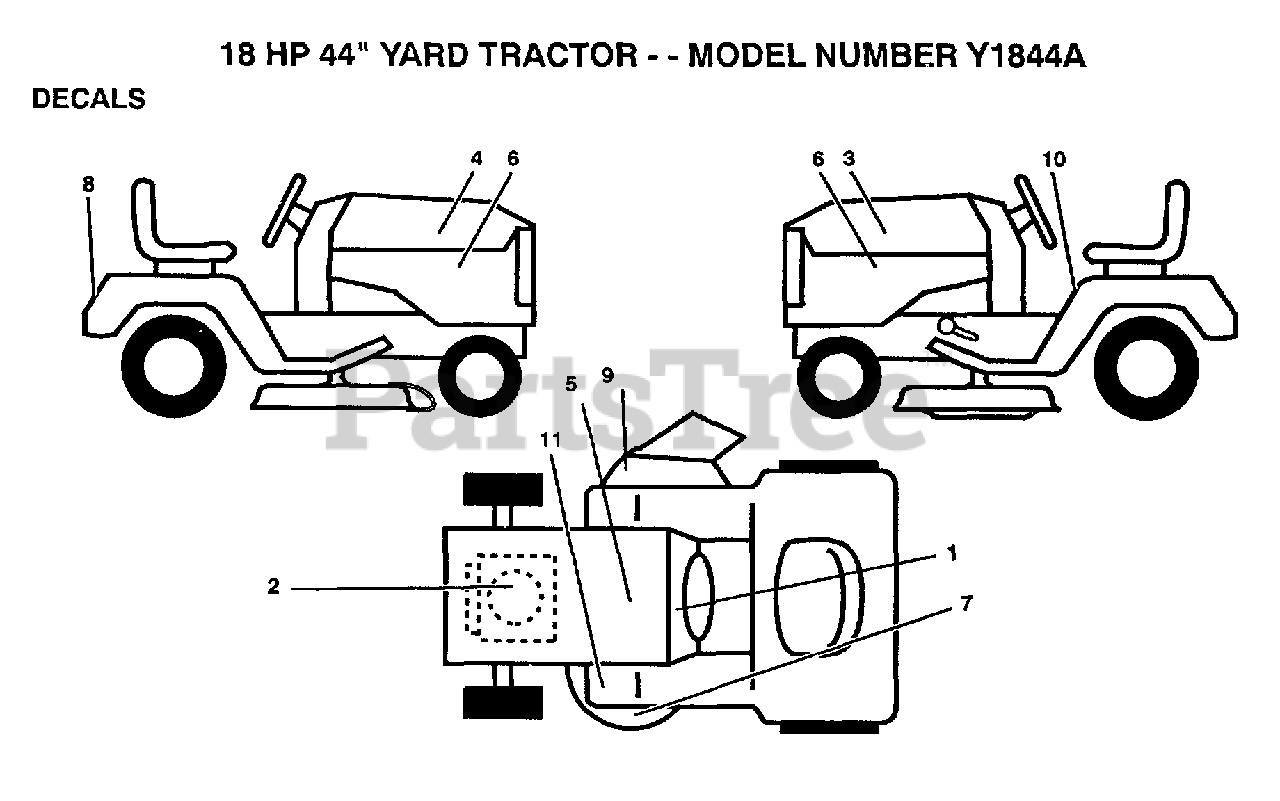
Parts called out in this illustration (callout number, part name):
2	"DECAL,HP ENGINE"
3	DECAL HOOD LH
5	DECAL
7	DECAL-INST YT
9	DECAL WARNING
10	DECAL CAUTION
11	DECAL T
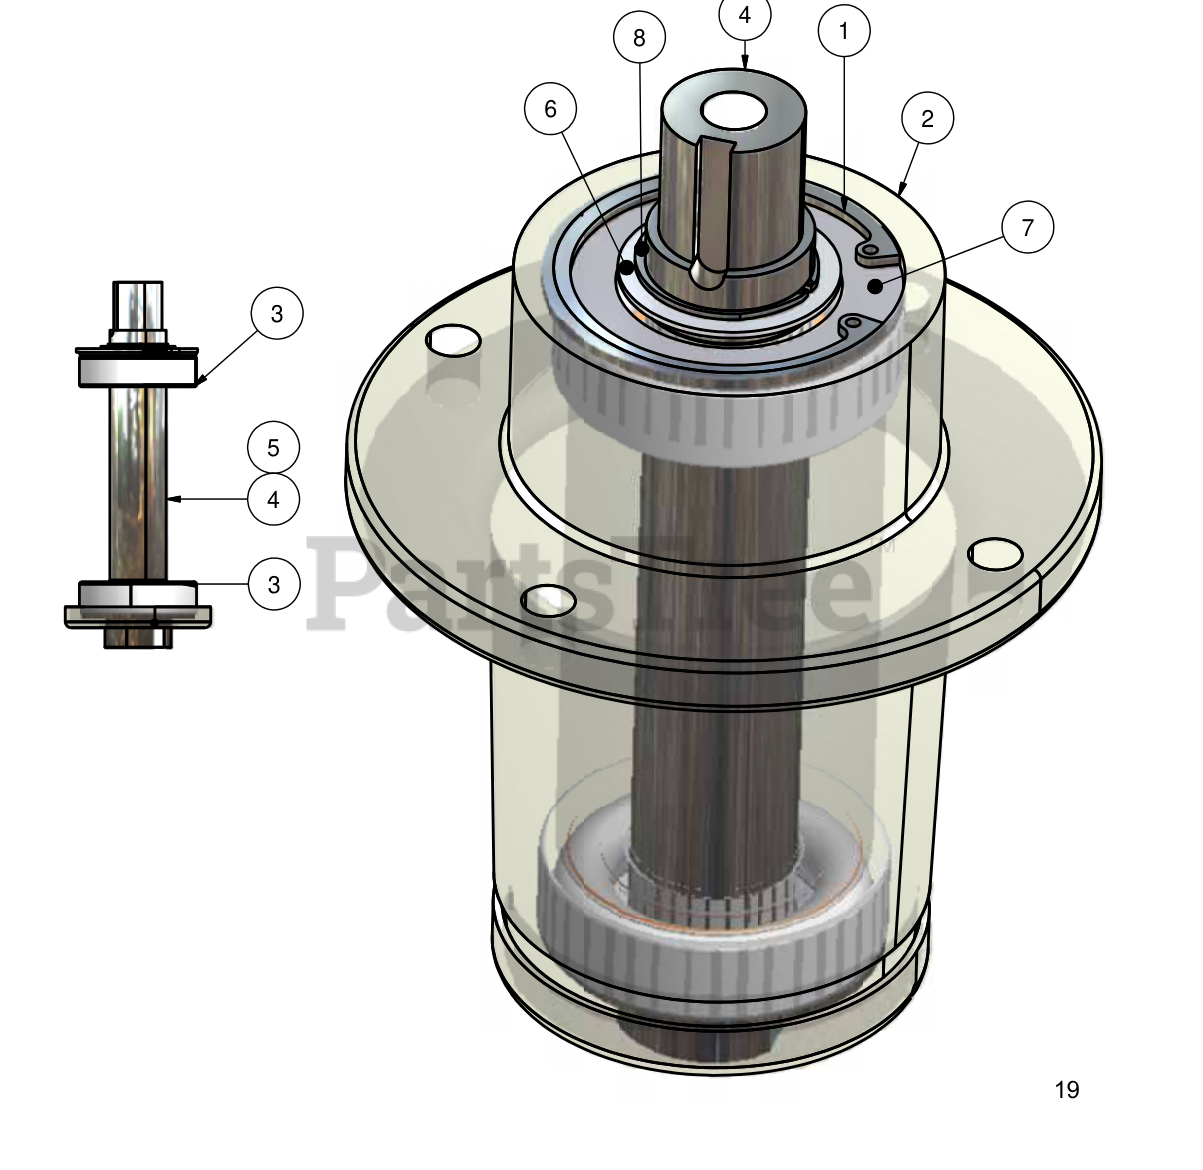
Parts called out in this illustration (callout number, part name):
1	Bearing Retainer Ring
2	Spindle Housing
4	Short Shaft
5	Long Shaft
6	Small Bearing Spacer
7	Large Bearing Spacer
8	Shaft Retainer Ring
━━━━━━━━━━
**Exercise details:** Return every line shown above without changing a word, and skip the pictures.

**Result below:**
Parts called out in this illustration (callout number, part name):
2	"DECAL,HP ENGINE"
3	DECAL HOOD LH
5	DECAL
7	DECAL-INST YT
9	DECAL WARNING
10	DECAL CAUTION
11	DECAL T
Parts called out in this illustration (callout number, part name):
1	Bearing Retainer Ring
2	Spindle Housing
4	Short Shaft
5	Long Shaft
6	Small Bearing Spacer
7	Large Bearing Spacer
8	Shaft Retainer Ring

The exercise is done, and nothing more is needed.